What is the number of lines in the entries below that include the word "layers"? Provide the number only.

─── Extracted data ───

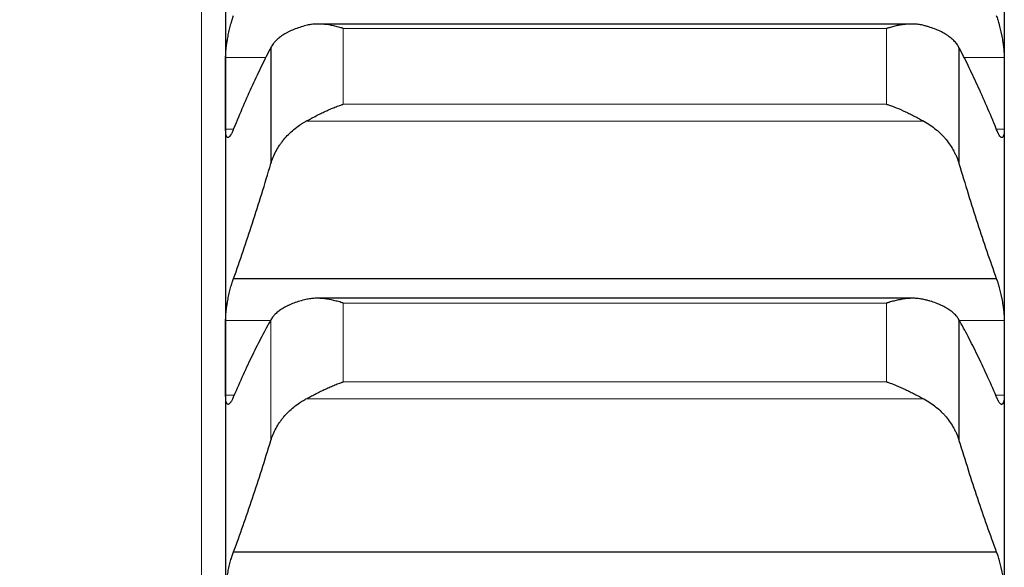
# Model space of a CAD drawing. Header units: inches. Extents: x 0 to 20790, y -12 to 14700.
# Tile 381 of 441: x 14138 to 14204, y 10708 to 10745. Entities that reach past the tile are written whole.
import ezdxf

# ---------------------------------------------------------------- set-up
doc = ezdxf.new("R2010")
doc.units = ezdxf.units.IN
doc.layers.add('1', color=7, linetype='Continuous', true_color=0xffffff)
doc.layers.add('254', color=7, linetype='Continuous', true_color=0xffffff)
doc.styles.add('latin_extended', font='simplex.shx')
doc.dimstyles.get("Standard").update_dxf_attribs({"dimtxt": 0.18, "dimasz": 0.18, "dimexe": 0.18, "dimexo": 0.0625, "dimgap": 0.09, "dimtad": 0, "dimtih": 1, "dimtoh": 1, "dimdec": 4, "dimzin": 0, "dimdsep": 46, "dimtxsty": 'Standard', "dimcen": 0.09, "dimadec": 0, "dimazin": 0, "dimtfac": 1, "dimtdec": 4, "dimtofl": 0, "dimtmove": 0, "dimatfit": 3, "dimfxl": 1, "dimtolj": 1, "dimtzin": 0, "dimarcsym": 0})

# ---------------------------------------------------------------- blocks, each defined once
blk = doc.blocks.new('_U8')
at = {"layer": '254', "color": 3, "linetype": 'Continuous', "lineweight": 13, "transparency": 16777216}
for p, q in [((13940.838, 12760.442), (13940.838, 13273.442)), ((14453.838, 10418.957), (14453.838, 13273.442)), ((14331.338, 13238.442), (14063.338, 13238.442))]:
    blk.add_line(p, q, dxfattribs=at)
at = {"layer": '254', "color": 3, "transparency": 16777216}
for points in [[(14063.338, 13258.858), (14063.338, 13218.025), (13940.838, 13238.442)], [(14331.338, 13218.025), (14331.338, 13258.858), (14453.838, 13238.442)]]:
    blk.add_solid(points, dxfattribs=at)
at = {"layer": 'Defpoints', "color": 0, "transparency": 16777216}
for p in [(13940.838, 13238.442), (13940.838, 12725.442), (14453.838, 10383.957)]:
    blk.add_point(p, dxfattribs=at)
at = {"layer": '254', "color": 2, "lineweight": 13, "transparency": 16777216, "insert": (14074.347, 13422.192), "char_height": 122.5, "attachment_point": 1, "style": 'latin_extended'}
blk.add_mtext('\\A1;513', dxfattribs=at)

msp = doc.modelspace()

# ---------------------------------------------------------------- linework, layer by layer
at = {"layer": '1', "color": 110, "linetype": 'Continuous', "lineweight": 13}
for p, q in [((14150.238, 10908.942), (14150.238, 9678.942)), ((14159.694, 10743.931), (14159.694, 10738.868)), ((14159.694, 10743.931), (14195.982, 10743.931)), ((14195.982, 10743.931), (14195.982, 10738.868)), ((14151.841, 10741.989), (14154.558, 10741.989)), ((14201.119, 10741.989), (14203.836, 10741.989)), ((14159.694, 10738.868), (14195.982, 10738.868)), ((14157.207, 10737.731), (14198.47, 10737.731)), ((14151.841, 10737.202), (14152.362, 10737.202)), ((14203.313, 10737.202), (14203.836, 10737.202)), ((14159.694, 10725.588), (14195.982, 10725.588)), ((14159.694, 10725.588), (14159.694, 10720.328)), ((14195.982, 10725.588), (14195.982, 10720.328)), ((14151.841, 10724.425), (14154.84, 10724.425)), ((14154.865, 10724.477), (14154.865, 10716.422)), ((14200.836, 10724.425), (14203.836, 10724.425)), ((14159.694, 10720.328), (14195.982, 10720.328)), ((14151.841, 10719.445), (14152.363, 10719.445)), ((14203.313, 10719.445), (14203.836, 10719.445)), ((14157.207, 10719.185), (14198.47, 10719.185))]:
    msp.add_line(p, q, dxfattribs=at)
at = {"layer": '1', "color": 2, "linetype": 'Continuous', "lineweight": 25}
for p, q in [((14151.838, 10756.542), (14151.838, 10739.595)), ((14203.838, 10756.542), (14203.838, 10739.595)), ((14197.633, 10744.223), (14158.015, 10744.223)), ((14154.865, 10742.659), (14154.865, 10734.905)), ((14200.812, 10742.659), (14200.812, 10734.905)), ((14151.838, 10739.595), (14151.838, 10721.935)), ((14203.838, 10739.595), (14203.838, 10721.935)), ((14152.376, 10727.241), (14203.301, 10727.241)), ((14197.709, 10725.909), (14157.933, 10725.909)), ((14200.812, 10724.477), (14200.812, 10716.422)), ((14151.838, 10721.935), (14151.838, 10703.59)), ((14203.838, 10721.935), (14203.838, 10703.59)), ((14152.376, 10708.984), (14203.301, 10708.984))]:
    msp.add_line(p, q, dxfattribs=at)
for points, knots in [([(14151.841, 10741.989), (14151.841, 10742.035), (14151.843, 10742.132), (14151.851, 10742.289), (14151.86, 10742.402), (14151.868, 10742.489), (14151.871, 10742.518), (14151.877, 10742.578), (14151.88, 10742.608), (14151.898, 10742.759), (14151.915, 10742.884), (14151.939, 10743.044), (14151.944, 10743.077), (14151.952, 10743.125), (14151.955, 10743.142), (14151.961, 10743.174), (14151.975, 10743.256), (14152.001, 10743.402), (14152.027, 10743.531), (14152.054, 10743.66), (14152.068, 10743.724), (14152.112, 10743.916), (14152.143, 10744.04), (14152.19, 10744.218), (14152.207, 10744.277), (14152.231, 10744.363), (14152.24, 10744.391), (14152.257, 10744.447), (14152.265, 10744.475), (14152.307, 10744.61), (14152.341, 10744.711), (14152.376, 10744.804)], [0, 0, 0, 0, 0.0625, 0.125, 0.1875, 0.1875, 0.21875, 0.21875, 0.25, 0.25, 0.375, 0.375, 0.40625, 0.40625, 0.421875, 0.421875, 0.4375, 0.5, 0.5625, 0.5625, 0.625, 0.625, 0.75, 0.75, 0.8125, 0.8125, 0.84375, 0.84375, 0.875, 0.875, 1, 1, 1, 1]), ([(14203.301, 10744.804), (14203.335, 10744.711), (14203.369, 10744.61), (14203.42, 10744.449), (14203.436, 10744.394), (14203.461, 10744.308), (14203.469, 10744.279), (14203.486, 10744.22), (14203.494, 10744.19), (14203.534, 10744.041), (14203.564, 10743.917), (14203.608, 10743.728), (14203.622, 10743.664), (14203.642, 10743.566), (14203.649, 10743.533), (14203.662, 10743.468), (14203.668, 10743.436), (14203.699, 10743.273), (14203.722, 10743.144), (14203.747, 10742.984), (14203.752, 10742.952), (14203.761, 10742.888), (14203.765, 10742.856), (14203.778, 10742.762), (14203.786, 10742.7), (14203.807, 10742.519), (14203.817, 10742.404), (14203.826, 10742.267), (14203.828, 10742.239), (14203.831, 10742.186), (14203.832, 10742.16), (14203.835, 10742.084), (14203.836, 10742.035), (14203.836, 10741.989)], [0, 0, 0, 0, 0.125, 0.125, 0.1875, 0.1875, 0.21875, 0.21875, 0.25, 0.25, 0.375, 0.375, 0.4375, 0.4375, 0.46875, 0.46875, 0.5, 0.5, 0.625, 0.625, 0.65625, 0.65625, 0.6875, 0.6875, 0.75, 0.75, 0.875, 0.875, 0.90625, 0.90625, 0.9375, 0.9375, 1, 1, 1, 1]), ([(14157.207, 10744.127), (14157.061, 10744.089), (14156.921, 10744.048), (14156.652, 10743.959), (14156.394, 10743.865), (14156.158, 10743.758), (14156.018, 10743.687), (14155.99, 10743.673), (14155.935, 10743.643), (14155.908, 10743.629), (14155.827, 10743.584), (14155.776, 10743.553), (14155.626, 10743.46), (14155.533, 10743.395), (14155.362, 10743.261), (14155.283, 10743.192), (14155.175, 10743.084), (14155.14, 10743.047), (14155.092, 10742.991), (14155.076, 10742.972), (14155.045, 10742.934), (14155.03, 10742.915), (14154.957, 10742.819), (14154.907, 10742.74), (14154.865, 10742.659)], [0, 0, 0, 0, 0.125, 0.125, 0.25, 0.375, 0.375, 0.40625, 0.40625, 0.4375, 0.4375, 0.5, 0.5, 0.625, 0.625, 0.75, 0.75, 0.8125, 0.8125, 0.84375, 0.84375, 0.875, 0.875, 1, 1, 1, 1]), ([(14159.694, 10743.931), (14159.691, 10743.932), (14159.688, 10743.933), (14159.681, 10743.935), (14159.678, 10743.936), (14159.668, 10743.939), (14159.648, 10743.945), (14159.602, 10743.959), (14159.509, 10743.987), (14159.43, 10744.009), (14159.272, 10744.052), (14159.167, 10744.078), (14158.853, 10744.146), (14158.645, 10744.18), (14158.334, 10744.211), (14158.23, 10744.218), (14158.075, 10744.223), (14158.023, 10744.223), (14157.919, 10744.222), (14157.867, 10744.221), (14157.712, 10744.213), (14157.61, 10744.203), (14157.407, 10744.173), (14157.307, 10744.153), (14157.207, 10744.127)], [0, 0, 0, 0, 0.003906, 0.003906, 0.007812, 0.007812, 0.015625, 0.03125, 0.0625, 0.125, 0.125, 0.25, 0.25, 0.5, 0.5, 0.625, 0.625, 0.6875, 0.6875, 0.75, 0.75, 0.875, 0.875, 1, 1, 1, 1]), ([(14198.47, 10744.127), (14198.37, 10744.153), (14198.27, 10744.173), (14198.069, 10744.203), (14197.967, 10744.212), (14197.764, 10744.223), (14197.661, 10744.224), (14197.454, 10744.219), (14197.35, 10744.212), (14197.14, 10744.191), (14197.036, 10744.178), (14196.826, 10744.144), (14196.721, 10744.124), (14196.511, 10744.078), (14196.405, 10744.052), (14196.247, 10744.009), (14196.168, 10743.987), (14196.075, 10743.959), (14196.029, 10743.945), (14196.009, 10743.939), (14195.996, 10743.935), (14195.989, 10743.933), (14195.982, 10743.931)], [0, 0, 0, 0, 0.125, 0.125, 0.25, 0.25, 0.375, 0.375, 0.5, 0.5, 0.625, 0.625, 0.75, 0.75, 0.875, 0.875, 0.9375, 0.96875, 0.984375, 0.992187, 0.992187, 1, 1, 1, 1]), ([(14200.812, 10742.659), (14200.77, 10742.74), (14200.719, 10742.819), (14200.605, 10742.971), (14200.476, 10743.119), (14200.318, 10743.258), (14200.189, 10743.36), (14200.144, 10743.393), (14200.074, 10743.442), (14200.05, 10743.458), (14200.001, 10743.49), (14199.977, 10743.506), (14199.852, 10743.584), (14199.64, 10743.702), (14199.405, 10743.809), (14199.158, 10743.91), (14199.029, 10743.958), (14198.859, 10744.014), (14198.825, 10744.025), (14198.755, 10744.046), (14198.65, 10744.078), (14198.543, 10744.108), (14198.47, 10744.127)], [0, 0, 0, 0, 0.125, 0.125, 0.25, 0.375, 0.375, 0.4375, 0.4375, 0.46875, 0.46875, 0.5, 0.5, 0.625, 0.75, 0.75, 0.875, 0.875, 0.90625, 0.90625, 0.9375, 1, 1, 1, 1]), ([(14157.207, 10737.731), (14157.307, 10737.785), (14157.407, 10737.84), (14157.608, 10737.949), (14157.709, 10738.002), (14157.913, 10738.109), (14158.016, 10738.161), (14158.222, 10738.264), (14158.326, 10738.314), (14158.536, 10738.413), (14158.641, 10738.461), (14158.851, 10738.552), (14158.956, 10738.596), (14159.166, 10738.681), (14159.271, 10738.721), (14159.43, 10738.778), (14159.509, 10738.806), (14159.602, 10738.837), (14159.648, 10738.853), (14159.668, 10738.859), (14159.681, 10738.863), (14159.688, 10738.865), (14159.694, 10738.868)], [0, 0, 0, 0, 0.125, 0.125, 0.25, 0.25, 0.375, 0.375, 0.5, 0.5, 0.625, 0.625, 0.75, 0.75, 0.875, 0.875, 0.9375, 0.96875, 0.984375, 0.992188, 0.992188, 1, 1, 1, 1]), ([(14195.982, 10738.868), (14195.986, 10738.867), (14195.989, 10738.865), (14195.996, 10738.863), (14195.999, 10738.862), (14196.009, 10738.859), (14196.029, 10738.853), (14196.075, 10738.837), (14196.168, 10738.806), (14196.247, 10738.778), (14196.405, 10738.721), (14196.51, 10738.681), (14196.824, 10738.555), (14197.032, 10738.464), (14197.343, 10738.318), (14197.446, 10738.268), (14197.602, 10738.191), (14197.654, 10738.165), (14197.757, 10738.112), (14197.809, 10738.085), (14197.964, 10738.004), (14198.067, 10737.95), (14198.269, 10737.84), (14198.37, 10737.785), (14198.47, 10737.731)], [0, 0, 0, 0, 0.003906, 0.003906, 0.007812, 0.007812, 0.015625, 0.03125, 0.0625, 0.125, 0.125, 0.25, 0.25, 0.5, 0.5, 0.625, 0.625, 0.6875, 0.6875, 0.75, 0.75, 0.875, 0.875, 1, 1, 1, 1]), ([(14154.865, 10734.905), (14154.907, 10735.049), (14154.957, 10735.19), (14155.072, 10735.467), (14155.201, 10735.739), (14155.359, 10736.001), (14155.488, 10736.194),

───

Answer to this problem
2